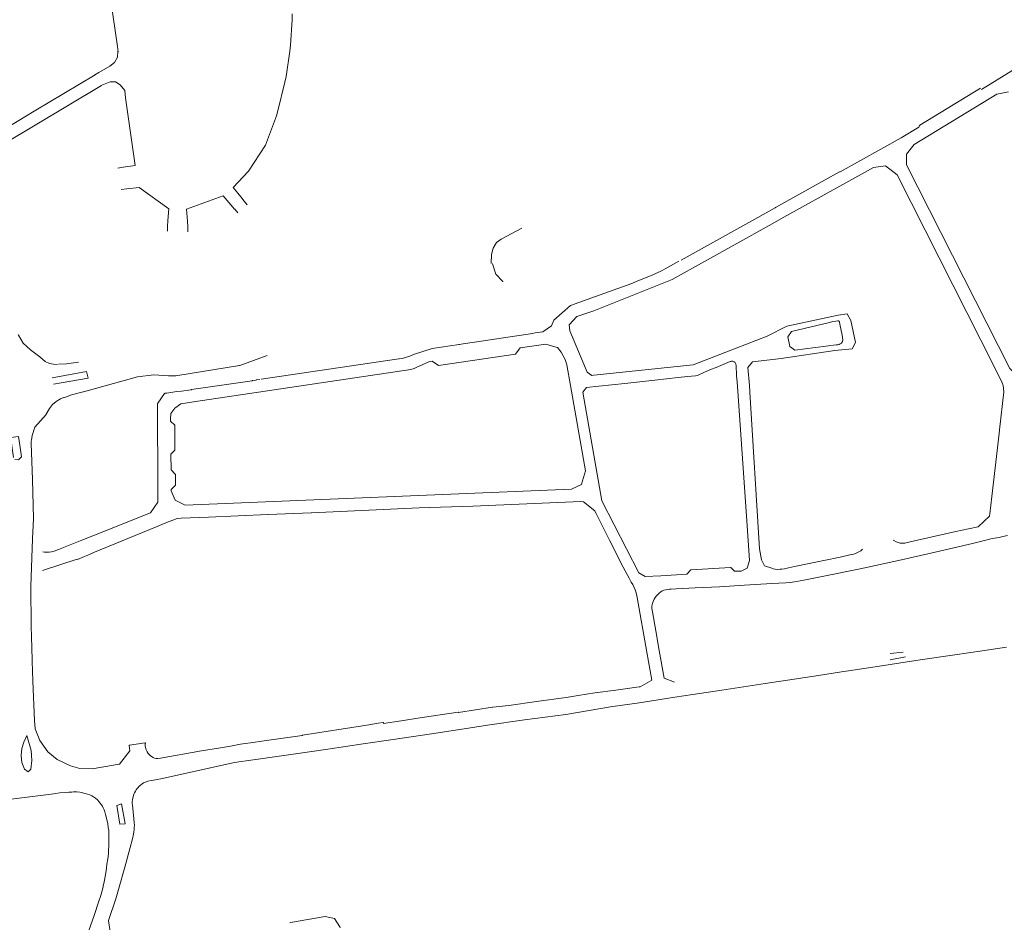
# Model space of a CAD drawing. Extents: x 97501 to 109728, y 463571 to 471596.
# Tile 12 of 25: x 103333 to 103745, y 468495 to 468872. Entities that reach past the tile are written whole.
import ezdxf

# ---------------------------------------------------------------- set-up
doc = ezdxf.new("R2010")
doc.units = 0
doc.layers.add('107 Goten', color=9, linetype='Continuous', lineweight=20, true_color=0xc0c0c0)

msp = doc.modelspace()

# ---------------------------------------------------------------- linework, layer by layer
at = {"layer": '107 Goten'}
for points in [[(103362.19, 468939.53), (103373.66, 468861.11), (103373.66, 468861.09), (103373.93, 468858.87), (103373.93, 468858.87), (103373.93, 468858.85)], [(103446.13, 468861.55), (103446.78, 468872.16), (103446.78, 468872.16), (103446.78, 468872.16)], [(103446.78, 468872.16), (103446.82, 468874.66), (103446.82, 468874.67)], [(103373.79, 468859.03), (103373.66, 468856.57), (103372.37, 468854.38), (103370.42, 468852.85), (103365.92, 468850.16), (103364.22, 468849.19)], [(103444.26, 468848.5), (103445.87, 468859.1), (103445.87, 468859.1), (103445.87, 468859.1)], [(103445.87, 468859.1), (103446.13, 468861.55), (103446.13, 468861.55), (103446.13, 468861.55)], [(103761.69, 468859.16), (103735.53, 468843.11)], [(103364.3, 468849.19), (103344.68, 468837.46)], [(103376.98, 468839.61), (103376.76, 468842.63), (103374.82, 468844.95), (103372.88, 468846.24), (103370.56, 468846.24), (103367.2, 468844.82)], [(103440.84, 468834.08), (103440.84, 468834.09), (103443.78, 468846.09), (103443.78, 468846.09), (103443.79, 468846.1)], [(103443.79, 468846.1), (103444.26, 468848.5), (103444.26, 468848.5), (103444.26, 468848.5)], [(103325.68, 468820.09), (103366.95, 468844.71)], [(103704.09, 468816.05), (103707.23, 468819.98), (103707.23, 468819.98), (103741.94, 468841.13), (103741.94, 468841.13), (103746.8, 468842.03)], [(103735.1, 468843.58), (103709.59, 468828.14)], [(103376.98, 468839.61), (103381.14, 468811.18), (103376.11, 468810.56), (103376.11, 468810.55)], [(103339.53, 468834.38), (103322.97, 468824.48), (103322.97, 468824.48)], [(103344.68, 468837.46), (103339.53, 468834.38)], [(103425.27, 468798.19), (103422.09, 468801.99), (103428.61, 468808.88), (103428.61, 468808.88), (103435.62, 468819.8), (103435.62, 468819.81), (103440.28, 468832.03), (103440.29, 468832.03), (103440.84, 468834.08)], [(103709.59, 468828.14), (103709.5, 468828.09), (103709.45, 468828.03), (103709.27, 468827.33), (103701.86, 468822.88), (103676.25, 468808.62), (103676.25, 468808.62), (103676.17, 468808.61), (103676.11, 468808.58), (103676.08, 468808.56)], [(103750.58, 468723.27), (103747.3, 468726.28), (103704.14, 468811.51), (103704.06, 468815.95), (103704.06, 468815.95), (103704.09, 468816.05)], [(103376.11, 468810.55), (103376.11, 468810.55), (103373.77, 468810.19)], [(103562.87, 468744.57), (103566.09, 468748.01), (103566.1, 468748.01), (103569.41, 468749.14), (103573.21, 468750.41), (103573.21, 468750.41), (103605.88, 468763.61), (103605.89, 468763.61), (103646.5, 468786.18), (103652.74, 468789.63), (103652.74, 468789.63), (103652.75, 468789.63), (103677.46, 468803.3), (103677.46, 468803.3), (103690.25, 468810.47), (103695.21, 468811.09)], [(103695.21, 468811.09), (103695.32, 468811.06), (103695.32, 468811.06), (103700.16, 468807.31), (103741.02, 468726.55)], [(103676.08, 468808.56), (103649.22, 468793.64)], [(103375.22, 468801.19), (103377.59, 468801.48)], [(103377.59, 468801.48), (103382.77, 468802.11), (103395.25, 468793.11), (103394.8, 468788.18), (103394.8, 468788.18), (103394.8, 468788.18)], [(103402.98, 468787.94), (103402.57, 468792.92), (103417.96, 468798.6), (103421.21, 468794.76)], [(103426.79, 468796.34), (103425.27, 468798.19), (103425.27, 468798.19), (103425.27, 468798.19)], [(103421.21, 468794.76), (103422.75, 468792.93)], [(103422.75, 468792.93), (103422.75, 468792.93), (103422.76, 468792.93), (103424.1, 468791.4)], [(103428.04, 468794.72), (103426.8, 468796.33), (103426.79, 468796.34), (103426.79, 468796.34)], [(103649.22, 468793.64), (103649.13, 468793.59), (103609.66, 468771.68)], [(103394.8, 468788.18), (103394.6, 468785.79), (103394.6, 468785.79)], [(103394.6, 468785.79), (103394.6, 468785.79), (103394.61, 468783.76)], [(103403.17, 468785.58), (103403.17, 468785.58), (103402.98, 468787.94)], [(103403.18, 468783.49), (103403.18, 468785.58), (103403.17, 468785.58)], [(103530.17, 468770.2), (103530.3, 468774), (103530.96, 468776.61), (103532.4, 468778.97), (103534.36, 468780.41), (103543.01, 468785)], [(103535.16, 468762.73), (103535.05, 468762.77), (103532.13, 468765.76), (103530.7, 468770.04), (103530.59, 468770.1)], [(103603.07, 468768.02), (103601.53, 468767.17), (103597.62, 468765.37), (103591.63, 468762.92)], [(103608.75, 468771.17), (103603.07, 468768.02)], [(103589.12, 468761.9), (103573.79, 468756.39)], [(103591.63, 468762.92), (103589.35, 468761.99), (103589.12, 468761.9)], [(103573.79, 468756.39), (103570.3, 468755.14)], [(103551.83, 468741.65), (103555.39, 468744.18), (103556.44, 468746.5), (103563.39, 468752.65), (103570.3, 468755.14)], [(103573.13, 468723.53), (103614.77, 468727.89), (103628.39, 468733.16), (103645.68, 468739.79), (103654.02, 468744.08), (103675.48, 468748.62), (103679.28, 468749.23), (103680.75, 468746.41), (103682.71, 468737.21), (103681.37, 468734.51), (103674.01, 468733.9), (103651.59, 468730.5)], [(103573.13, 468723.53), (103572.26, 468723.43), (103570.33, 468724.74), (103563.09, 468742.05), (103562.86, 468744.52), (103562.87, 468744.57)], [(103654.43, 468739.62), (103655.87, 468741.82), (103655.87, 468741.82), (103671.89, 468745.55), (103671.89, 468745.55), (103673.26, 468745.91), (103674.5, 468746.13), (103675.38, 468746.22), (103675.72, 468746.2), (103675.94, 468746.04), (103676.03, 468745.85), (103676.22, 468744.92), (103677.14, 468740.23), (103677.32, 468739.25), (103677.41, 468738.32), (103677.29, 468737.57), (103676.81, 468736.92), (103676.36, 468736.6), (103675.87, 468736.38), (103675.38, 468736.26), (103674.6, 468736.15), (103657.32, 468733.94), (103657.32, 468733.94), (103655.21, 468735.47), (103655.21, 468735.47), (103654.43, 468739.62), (103654.43, 468739.62)], [(103348.57, 468727.99), (103346.89, 468728.09), (103345.21, 468728.41), (103343.43, 468729.2), (103341.14, 468731.12), (103337.32, 468734.13), (103334.18, 468736.97), (103332.22, 468740.31), (103332.22, 468740.32), (103332.1, 468740.56)], [(103516.68, 468736.29), (103547.49, 468740.88)], [(103548.64, 468741.16), (103547.38, 468740.96), (103547.29, 468740.95)], [(103551.82, 468741.65), (103548.64, 468741.16)], [(103396.24, 468675.8), (103397.96, 468677.46), (103397.99, 468677.53), (103397.94, 468682), (103397.91, 468682.06), (103396.11, 468683.85), (103396.04, 468690.47), (103397.74, 468692.16), (103397.77, 468692.23), (103397.69, 468702.46), (103397.66, 468702.53), (103395.83, 468704.33), (103395.83, 468705.07), (103396.08, 468707.47), (103397.65, 468709.7), (103400.27, 468711.53), (103405.51, 468712.33), (103496.57, 468725.82), (103496.58, 468725.82), (103497.97, 468726.36), (103497.98, 468726.36), (103498.69, 468726.79), (103498.69, 468726.79), (103504.1, 468729.12), (103505.49, 468729.31), (103508.1, 468727.52), (103508.17, 468727.5), (103540.34, 468732.32), (103540.41, 468732.35), (103542.28, 468734.91), (103553.01, 468736.46), (103553.02, 468736.46), (103557.86, 468735.15), (103557.86, 468735.15), (103557.97, 468735.06)], [(103516.84, 468736.34), (103516.75, 468736.33), (103505.47, 468734.64), (103505.46, 468734.64), (103497.67, 468732.1), (103497.67, 468732.1), (103496.1, 468731.44), (103492.85, 468730.49), (103491.6, 468730.3), (103491.5, 468730.28)], [(103557.97, 468735.06), (103559.48, 468733.18), (103559.48, 468733.18), (103561.12, 468730.08), (103561.12, 468730.08), (103561.88, 468727.89), (103563.41, 468719.16), (103569.65, 468683.51), (103569.65, 468683.51), (103568.03, 468677.84)], [(103424.85, 468727.62), (103436.41, 468731.7)], [(103352.34, 468728.29), (103348.94, 468728.1)], [(103357.43, 468728.92), (103352.38, 468728.29), (103352.34, 468728.29)], [(103397.54, 468723.21), (103398.1, 468723.2), (103398.12, 468723.2), (103424.81, 468727.6), (103424.84, 468727.61), (103424.85, 468727.62)], [(103491.5, 468730.28), (103433.85, 468721.82)], [(103575.26, 468718.89), (103586.1, 468720.08), (103598.66, 468721.42), (103598.66, 468721.42), (103608.42, 468722.49), (103612.4, 468722.9), (103615.72, 468723.23), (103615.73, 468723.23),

####

### YOUR ASSIGNMENT
Repeat exactly the lines from the first line of the records above through the line containing "import ezdxf", leaving out the pictures.

### SOLUTION
# Model space of a CAD drawing. Extents: x 97501 to 109728, y 463571 to 471596.
# Tile 12 of 25: x 103333 to 103745, y 468495 to 468872. Entities that reach past the tile are written whole.
import ezdxf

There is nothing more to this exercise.